No he tenido tiempo de leer el libro de Antonio Robinad, entre otras cosas, porque acabo de conocer su existencia. Hemos coincidido, Robinad y yo, en el título Homo indigno. Robinad, en los años cuarenta del XX, y yo, ya digo, hace un rato.

Homo indigno, por mi parte, surge del convencimiento, largamente meditado, sobre nuestro estilo de vida, nuestro sistema generalizado, de cabo a rabo, del Planeta. Feo, injusto, horroroso... Pero, si no aparece alguna entidad superior, no hay quién nos salve: la dignidad de los hombres, si no se excluyen los privilegios del poder, ha pasado a ser inexistente. Tengo pruebas suficientes, las tenemos, por la observación necesaria y también evidente.

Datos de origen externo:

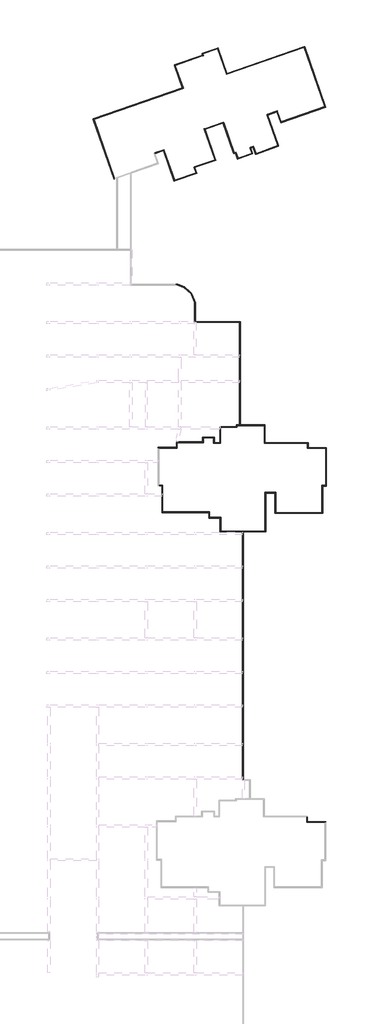
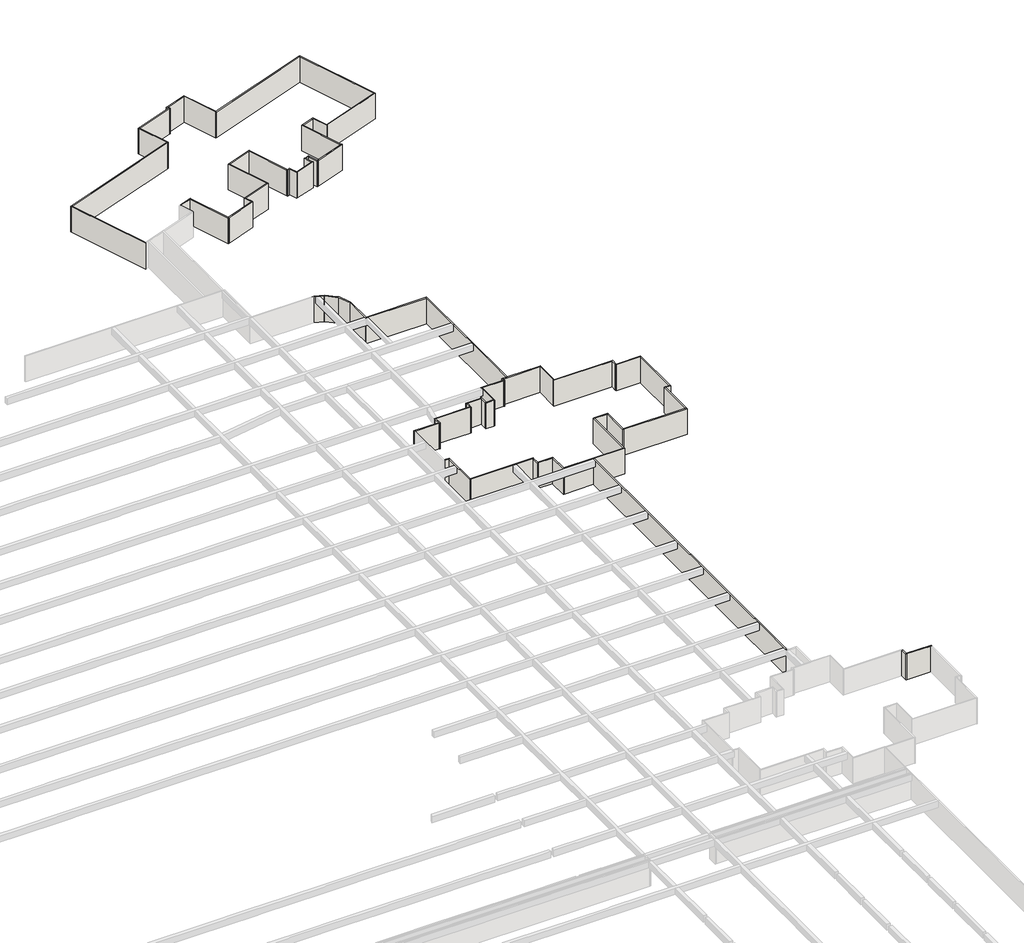
# One storey, part 6 of 14: 66 walls.
"""IFC4 building model written with IfcOpenShell, lengths in millimetres."""

from ifc_helpers import new_model, si_unit, origin, origin_with_axes, place, context, project, spatial, polyline, outline, extrude, faceted_brep, element, save

model = new_model("IFC4")

# Units and contexts
model_context = context("Model", 3, world=origin())
ifc_project = project(units=[si_unit("LENGTHUNIT", "METRE", prefix="MILLI")], contexts=[model_context])

# Site, building, storey
site = spatial("IfcSite", under=ifc_project)
building = spatial("IfcBuilding", under=site)
storey = spatial("IfcBuildingStorey", under=building, Name="户型图", Elevation=0.0)

# Walls
placement = place(None, origin())
element("IfcWall", 1, ObjectType="所有墙体", at=placement, inside=storey, context=model_context, shape_type="Brep", body=[
    faceted_brep([(-487731.9156201, -109117.5126628, 0.0), (-487731.9156201, -110017.5126628, 0.0), (-487731.9156201, -110017.5126628, 3300.0), (-487731.9156201, -109117.5126628, 3300.0), (-487611.9156201, -109117.5126628, 0.0), (-487611.9156201, -109117.5126628, 3300.0), (-487611.9156201, -109897.5126628, 3300.0), (-487611.9156201, -110017.5126628, 3300.0), (-487611.9156201, -110017.5126628, 0.0), (-487611.9156201, -109897.5126628, 0.0)], [[[0, 1, 2, 3]], [[4, 5, 6, 7, 8, 9]], [[1, 0, 4, 9, 8]], [[3, 2, 7, 6, 5]], [[0, 3, 5, 4]], [[2, 1, 8, 7]]]),
])
element("IfcWall", 2, ObjectType="所有墙体", at=placement, inside=storey, context=model_context, shape_type="Brep", body=[
    faceted_brep([(-487611.9156201, -110017.5126628, 0.0), (-484731.9156201, -110017.5126628, 0.0), (-484611.9156201, -110017.5126628, 0.0), (-484611.9156201, -110017.5126628, 3300.0), (-484731.9156201, -110017.5126628, 3300.0), (-487611.9156201, -110017.5126628, 3300.0), (-487611.9156201, -109897.5126628, 0.0), (-487611.9156201, -109897.5126628, 3300.0), (-484611.9156201, -109897.5126628, 3300.0), (-484611.9156201, -109897.5126628, 0.0)], [[[0, 1, 2, 3, 4, 5]], [[6, 7, 8, 9]], [[2, 1, 0, 6, 9]], [[5, 4, 3, 8, 7]], [[0, 5, 7, 6]], [[3, 2, 9, 8]]]),
])
element("IfcWall", 3, ObjectType="所有墙体", at=placement, inside=storey, context=model_context, shape_type="SweptSolid", body=[
    extrude(outline(polyline([(-498157.6529954, -62419.4327531), (-498157.6529954, -103033.8197785), (-498277.6529954, -103033.8197785), (-498277.6529954, -62419.4327531), (-498157.6529954, -62419.4327531)])), origin_with_axes(), (0.0, 0.0, 1.0), 3300.0),
])
element("IfcWall", 4, ObjectType="所有墙体", at=placement, inside=storey, context=model_context, shape_type="Brep", body=[
    faceted_brep([(-501839.5424455, -62419.4327531, 0.0), (-498277.6529954, -62419.4327531, 0.0), (-498157.6529954, -62419.4327531, 0.0), (-494448.2280208, -62419.4327531, 0.0), (-494448.2280208, -62419.4327531, 3300.0), (-498157.6529954, -62419.4327531, 3300.0), (-498277.6529954, -62419.4327531, 3300.0), (-501839.5424455, -62419.4327531, 3300.0), (-501839.5424455, -62299.4327531, 0.0), (-501839.5424455, -62299.4327531, 3300.0), (-494568.2280208, -62299.4327531, 3300.0), (-494448.2280208, -62299.4327531, 3300.0), (-494448.2280208, -62299.4327531, 0.0), (-494568.2280208, -62299.4327531, 0.0)], [[[0, 1, 2, 3, 4, 5, 6, 7]], [[8, 9, 10, 11, 12, 13]], [[3, 2, 1, 0, 8, 13, 12]], [[7, 6, 5, 4, 11, 10, 9]], [[4, 3, 12, 11]], [[0, 7, 9, 8]]]),
])
element("IfcWall", 5, ObjectType="所有墙体", at=placement, inside=storey, context=model_context, shape_type="Brep", body=[
    faceted_brep([(-494448.2280208, -62299.4327531, 0.0), (-494448.2280208, -56065.482039, 0.0), (-494448.2280208, -55945.482039, 0.0), (-494448.2280208, -55945.482039, 3300.0), (-494448.2280208, -56065.482039, 3300.0), (-494448.2280208, -62299.4327531, 3300.0), (-494568.2280208, -62299.4327531, 0.0), (-494568.2280208, -62299.4327531, 3300.0), (-494568.2280208, -55945.482039, 3300.0), (-494568.2280208, -55945.482039, 0.0)], [[[0, 1, 2, 3, 4, 5]], [[6, 7, 8, 9]], [[2, 1, 0, 6, 9]], [[5, 4, 3, 8, 7]], [[0, 5, 7, 6]], [[3, 2, 9, 8]]]),
])
element("IfcWall", 6, ObjectType="所有墙体", at=placement, inside=storey, context=model_context, shape_type="Brep", body=[
    faceted_brep([(-494448.2280208, -56065.482039, 0.0), (-492943.6459925, -56065.482039, 0.0), (-492823.6459925, -56065.482039, 0.0), (-492823.6459925, -56065.482039, 3300.0), (-492943.6459925, -56065.482039, 3300.0), (-494448.2280208, -56065.482039, 3300.0), (-494448.2280208, -55945.482039, 0.0), (-494448.2280208, -55945.482039, 3300.0), (-492823.6459925, -55945.482039, 3300.0), (-492823.6459925, -55945.482039, 0.0)], [[[0, 1, 2, 3, 4, 5]], [[6, 7, 8, 9]], [[2, 1, 0, 6, 9]], [[5, 4, 3, 8, 7]], [[0, 5, 7, 6]], [[3, 2, 9, 8]]]),
])
element("IfcWall", 7, ObjectType="所有墙体", at=placement, inside=storey, context=model_context, shape_type="Brep", body=[
    faceted_brep([(-492943.6459925, -56065.482039, 0.0), (-492943.6459925, -59371.7887885, 0.0), (-492943.6459925, -59371.7887885, 3300.0), (-492943.6459925, -56065.482039, 3300.0), (-492823.6459925, -56065.482039, 0.0), (-492823.6459925, -56065.482039, 3300.0), (-492823.6459925, -59251.7887885, 3300.0), (-492823.6459925, -59371.7887885, 3300.0), (-492823.6459925, -59371.7887885, 0.0), (-492823.6459925, -59251.7887885, 0.0)], [[[0, 1, 2, 3]], [[4, 5, 6, 7, 8, 9]], [[1, 0, 4, 9, 8]], [[3, 2, 7, 6, 5]], [[0, 3, 5, 4]], [[2, 1, 8, 7]]]),
])
element("IfcWall", 8, ObjectType="所有墙体", at=placement, inside=storey, context=model_context, shape_type="Brep", body=[
    faceted_brep([(-492823.6459925, -59371.7887885, 0.0), (-485136.3735207, -59371.7887885, 0.0), (-485136.3735207, -59371.7887885, 3300.0), (-492823.6459925, -59371.7887885, 3300.0), (-492823.6459925, -59251.7887885, 0.0), (-492823.6459925, -59251.7887885, 3300.0), (-485256.3735207, -59251.7887885, 3300.0), (-485136.3735207, -59251.7887885, 3300.0), (-485136.3735207, -59251.7887885, 0.0), (-485256.3735207, -59251.7887885, 0.0)], [[[0, 1, 2, 3]], [[4, 5, 6, 7, 8, 9]], [[1, 0, 4, 9, 8]], [[3, 2, 7, 6, 5]], [[0, 3, 5, 4]], [[2, 1, 8, 7]]]),
])
element("IfcWall", 9, ObjectType="所有墙体", at=placement, inside=storey, context=model_context, shape_type="Brep", body=[
    faceted_brep([(-485136.3735207, -59251.7887885, 0.0), (-485136.3735207, -54901.4809263, 0.0), (-485136.3735207, -54781.4809263, 0.0), (-485136.3735207, -54781.4809263, 3300.0), (-485136.3735207, -54901.4809263, 3300.0), (-485136.3735207, -59251.7887885, 3300.0), (-485256.3735207, -59251.7887885, 0.0), (-485256.3735207, -59251.7887885, 3300.0), (-485256.3735207, -54781.4809263, 3300.0), (-485256.3735207, -54781.4809263, 0.0)], [[[0, 1, 2, 3, 4, 5]], [[6, 7, 8, 9]], [[2, 1, 0, 6, 9]], [[5, 4, 3, 8, 7]], [[0, 5, 7, 6]], [[3, 2, 9, 8]]]),
])
element("IfcWall", 10, ObjectType="所有墙体", at=placement, inside=storey, context=model_context, shape_type="Brep", body=[
    faceted_brep([(-485136.3735207, -54901.4809263, 0.0), (-484519.0828774, -54901.4809263, 0.0), (-484519.0828774, -54901.4809263, 3300.0), (-485136.3735207, -54901.4809263, 3300.0), (-485136.3735207, -54781.4809263, 0.0), (-485136.3735207, -54781.4809263, 3300.0), (-484639.0828774, -54781.4809263, 3300.0), (-484519.0828774, -54781.4809263, 3300.0), (-484519.0828774, -54781.4809263, 0.0), (-484639.0828774, -54781.4809263, 0.0)], [[[0, 1, 2, 3]], [[4, 5, 6, 7, 8, 9]], [[1, 0, 4, 9, 8]], [[3, 2, 7, 6, 5]], [[0, 3, 5, 4]], [[2, 1, 8, 7]]]),
])
element("IfcWall", 11, ObjectType="所有墙体", at=placement, inside=storey, context=model_context, shape_type="Brep", body=[
    faceted_brep([(-484519.0828774, -54781.4809263, 0.0), (-484519.0828774, -48583.8215635, 0.0), (-484519.0828774, -48583.8215635, 3300.0), (-484519.0828774, -54781.4809263, 3300.0), (-484639.0828774, -54781.4809263, 0.0), (-484639.0828774, -54781.4809263, 3300.0), (-484639.0828774, -48703.8215635, 3300.0), (-484639.0828774, -48583.8215635, 3300.0), (-484639.0828774, -48583.8215635, 0.0), (-484639.0828774, -48703.8215635, 0.0)], [[[0, 1, 2, 3]], [[4, 5, 6, 7, 8, 9]], [[1, 0, 4, 9, 8]], [[3, 2, 7, 6, 5]], [[0, 3, 5, 4]], [[2, 1, 8, 7]]]),
])
element("IfcWall", 12, ObjectType="所有墙体", at=placement, inside=storey, context=model_context, shape_type="Brep", body=[
    faceted_brep([(-484639.0828774, -48583.8215635, 0.0), (-487495.1396851, -48583.8215635, 0.0), (-487615.1396851, -48583.8215635, 0.0), (-487615.1396851, -48583.8215635, 3300.0), (-487495.1396851, -48583.8215635, 3300.0), (-484639.0828774, -48583.8215635, 3300.0), (-484639.0828774, -48703.8215635, 0.0), (-484639.0828774, -48703.8215635, 3300.0), (-487615.1396851, -48703.8215635, 3300.0), (-487615.1396851, -48703.8215635, 0.0)], [[[0, 1, 2, 3, 4, 5]], [[6, 7, 8, 9]], [[2, 1, 0, 6, 9]], [[5, 4, 3, 8, 7]], [[0, 5, 7, 6]], [[3, 2, 9, 8]]]),
])
element("IfcWall", 13, ObjectType="所有墙体", at=placement, inside=storey, context=model_context, shape_type="Brep", body=[
    faceted_brep([(-487495.1396851, -48583.8215635, 0.0), (-487495.1396851, -47772.3075196, 0.0), (-487495.1396851, -47772.3075196, 3300.0), (-487495.1396851, -48583.8215635, 3300.0), (-487615.1396851, -48583.8215635, 0.0), (-487615.1396851, -48583.8215635, 3300.0), (-487615.1396851, -47892.3075196, 3300.0), (-487615.1396851, -47772.3075196, 3300.0), (-487615.1396851, -47772.3075196, 0.0), (-487615.1396851, -47892.3075196, 0.0)], [[[0, 1, 2, 3]], [[4, 5, 6, 7, 8, 9]], [[1, 0, 4, 9, 8]], [[3, 2, 7, 6, 5]], [[0, 3, 5, 4]], [[2, 1, 8, 7]]]),
])
element("IfcWall", 14, ObjectType="所有墙体", at=placement, inside=storey, context=model_context, shape_type="Brep", body=[
    faceted_brep([(-487615.1396851, -47772.3075196, 0.0), (-494595.1396851, -47772.3075196, 0.0), (-494715.1396851, -47772.3075196, 0.0), (-494715.1396851, -47772.3075196, 3300.0), (-494595.1396851, -47772.3075196, 3300.0), (-487615.1396851, -47772.3075196, 3300.0), (-487615.1396851, -47892.3075196, 0.0), (-487615.1396851, -47892.3075196, 3300.0), (-494715.1396851, -47892.3075196, 3300.0), (-494715.1396851, -47892.3075196, 0.0)], [[[0, 1, 2, 3, 4, 5]], [[6, 7, 8, 9]], [[2, 1, 0, 6, 9]], [[5, 4, 3, 8, 7]], [[0, 5, 7, 6]], [[3, 2, 9, 8]]]),
])
element("IfcWall", 15, ObjectType="所有墙体", at=placement, inside=storey, context=model_context, shape_type="Brep", body=[
    faceted_brep([(-494595.1396851, -47772.3075196, 0.0), (-494595.1396851, -44872.3075196, 0.0), (-494595.1396851, -44872.3075196, 3300.0), (-494595.1396851, -47772.3075196, 3300.0), (-494715.1396851, -47772.3075196, 0.0), (-494715.1396851, -47772.3075196, 3300.0), (-494715.1396851, -44992.3075196, 3300.0), (-494715.1396851, -44872.3075196, 3300.0), (-494715.1396851, -44872.3075196, 0.0), (-494715.1396851, -44992.3075196, 0.0)], [[[0, 1, 2, 3]], [[4, 5, 6, 7, 8, 9]], [[1, 0, 4, 9, 8]], [[3, 2, 7, 6, 5]], [[0, 3, 5, 4]], [[2, 1, 8, 7]]]),
])
element("IfcWall", 16, ObjectType="所有墙体", at=placement, inside=storey, context=model_context, shape_type="Brep", body=[
    faceted_brep([(-494715.1396851, -44872.3075196, 0.0), (-498635.1396851, -44872.3075196, 0.0), (-498755.1396851, -44872.3075196, 0.0), (-499195.1396851, -44872.3075196, 0.0), (-499195.1396851, -44872.3075196, 3300.0), (-498755.1396851, -44872.3075196, 3300.0), (-498635.1396851, -44872.3075196, 3300.0), (-494715.1396851, -44872.3075196, 3300.0), (-494715.1396851, -44992.3075196, 0.0), (-494715.1396851, -44992.3075196, 3300.0), (-499195.1396851, -44992.3075196, 3300.0), (-499195.1396851, -44992.3075196, 0.0)], [[[0, 1, 2, 3, 4, 5, 6, 7]], [[8, 9, 10, 11]], [[3, 2, 1, 0, 8, 11]], [[7, 6, 5, 4, 10, 9]], [[0, 7, 9, 8]], [[4, 3, 11, 10]]]),
])
element("IfcWall", 17, ObjectType="所有墙体", at=placement, inside=storey, context=model_context, shape_type="Brep", body=[
    faceted_brep([(-499315.1396851, -44872.3075196, 0.0), (-499315.1396851, -45172.3075196, 0.0), (-499315.1396851, -45292.3075196, 0.0), (-499315.1396851, -45292.3075196, 3300.0), (-499315.1396851, -45172.3075196, 3300.0), (-499315.1396851, -44872.3075196, 3300.0), (-499195.1396851, -44872.3075196, 0.0), (-499195.1396851, -44872.3075196, 3300.0), (-499195.1396851, -44992.3075196, 3300.0), (-499195.1396851, -45292.3075196, 3300.0), (-499195.1396851, -45292.3075196, 0.0), (-499195.1396851, -44992.3075196, 0.0)], [[[0, 1, 2, 3, 4, 5]], [[6, 7, 8, 9, 10, 11]], [[2, 1, 0, 6, 11, 10]], [[5, 4, 3, 9, 8, 7]], [[0, 5, 7, 6]], [[3, 2, 10, 9]]]),
])
element("IfcWall", 18, ObjectType="所有墙体", at=placement, inside=storey, context=model_context, shape_type="Brep", body=[
    faceted_brep([(-499315.1396851, -45172.3075196, 0.0), (-502015.1396851, -45172.3075196, 0.0), (-502015.1396851, -45172.3075196, 2500.0), (-502015.1396851, -45172.3075196, 3300.0), (-501895.1396851, -45172.3075196, 3300.0), (-499315.1396851, -45172.3075196, 3300.0), (-499315.1396851, -45292.3075196, 0.0), (-499315.1396851, -45292.3075196, 3300.0), (-501895.1396851, -45292.3075196, 3300.0), (-502015.1396851, -45292.3075196, 3300.0), (-502015.1396851, -45292.3075196, 0.0), (-501895.1396851, -45292.3075196, 0.0)], [[[0, 1, 2, 3, 4, 5]], [[6, 7, 8, 9, 10, 11]], [[1, 0, 6, 11, 10]], [[5, 4, 3, 9, 8, 7]], [[0, 5, 7, 6]], [[3, 2, 1, 10, 9]]]),
])
element("IfcWall", 19, ObjectType="所有墙体", at=placement, inside=storey, context=model_context, shape_type="Brep", body=[
    faceted_brep([(-502015.1396851, -45292.3075196, 0.0), (-502015.1396851, -47772.3075196, 0.0), (-502015.1396851, -47892.3075196, 0.0), (-502015.1396851, -47892.3075196, 3300.0), (-502015.1396851, -47772.3075196, 3300.0), (-502015.1396851, -45292.3075196, 3300.0), (-501895.1396851, -45292.3075196, 0.0), (-501895.1396851, -45292.3075196, 3300.0), (-501895.1396851, -47892.3075196, 3300.0), (-501895.1396851, -47892.3075196, 0.0)], [[[0, 1, 2, 3, 4, 5]], [[6, 7, 8, 9]], [[2, 1, 0, 6, 9]], [[5, 4, 3, 8, 7]], [[0, 5, 7, 6]], [[3, 2, 9, 8]]]),
])
element("IfcWall", 20, ObjectType="所有墙体", at=placement, inside=storey, context=model_context, shape_type="Brep", body=[
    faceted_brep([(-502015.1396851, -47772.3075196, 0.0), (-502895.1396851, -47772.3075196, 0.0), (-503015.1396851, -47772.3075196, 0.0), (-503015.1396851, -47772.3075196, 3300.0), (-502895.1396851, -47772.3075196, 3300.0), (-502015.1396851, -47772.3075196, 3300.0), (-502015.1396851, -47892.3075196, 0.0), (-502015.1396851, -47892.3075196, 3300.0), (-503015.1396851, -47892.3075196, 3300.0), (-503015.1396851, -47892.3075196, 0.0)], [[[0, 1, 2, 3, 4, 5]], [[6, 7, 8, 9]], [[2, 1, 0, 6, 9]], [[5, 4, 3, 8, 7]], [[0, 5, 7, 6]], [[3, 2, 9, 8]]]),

No hace mucbo tiempo que aquí, en nuestra ciudad de Córdoba, contemplé dos escenas de cuanto digo o trato de decir. El gran supermercado, el más grande y poderoso por tiendas, empleados y afluencia de clientes. Una de las cajeras, menuda de cuerpo y activa donde las haya, procedió así: después de atender a la inmigrante rumana, palpó con dos dedos el hatillo que llevaba a la salida. Le cobró en calderilla y, aún no había dado dos pasos hacia la puerta, cuando sacó un espray para rociar de ambientador perfumado su alrededor, insistiendo en el entorno de la indigente. La misma y menuda empleada y, esta vez a un estudiante, le hizo abrir una maleta cuando trataba de pagar. Ante los que andábamos cerca, haciendo cola para pagar, el revoltijo de calcetines, camisas, zapatos... y, en fin, lo que cualquiera suele llevar entre sus cosas: sus pertenencias y su maleta, solo suya, salvo que haya pruebas suficientes como para violar la intimidad y afectar a la dignidad de un ser humano del que se sospecha de su integridad u honradez. En cualquier caso hay métodos discretos cuando existen indicios de un acto delictivo. «¡Esto es ilegal, inconstitucional! --protesté-- ¡Pongan vigilantes o instalen sistemas, que existen, para hacer lo que hacen, por un motivo real o una certeza!». También yo me encaré en otro establecimiento notable porque no quise desprenderme de mi mochila.

Y ayer mismo fui a comprar un tostador de pan al más importante y de más campanillas de nuestros centros comerciales. Un señor con aires de bancario vino a cobrarme hasta la caja. Le entregué un billete de cincuenta euros. Miró sin disimulo mi sombrero y mi colorido calzado deportivo. Quizá mi edad y mi barba. Después, tocó el billete: su textura, y a continuación, buscó la maquinita para comprobar su autenticidad. ¡Dios: no pude callarme porque, además, insistió en su control «Y este que me acaba de dar de vuelta, ¿es bueno?». Sentí su desprecio contenido sobre mi rostro. «Aquí se prueban todos y todos los billetes son buenos». Me concedió el favor de una explicación. «¡Pero yo no he visto eso, señor--me quejé--, y a mí me pasa como a santo Tomás!». Entonces, me habría entregado a los perros.

Usted, paciente lector, puede opinar lo que quiera, naturalmente, pero yo me sentí un don nadie auténtico: rebajado, humillado y, por unos instantes, acusado de traficante o falsificador. No me gustan las cosas como están aunque también soy español, español... Atentan contra mi dignidad cuando me tratan como indigno: pillo, pícaro, «pobretón o desgraciado»... Solo nos queda como válido y personal la honorabilidad

¿Lo harían con un obispo mitrado, un general uniformado, un miembro del gobierno o de la familia real? ¿Por qué no?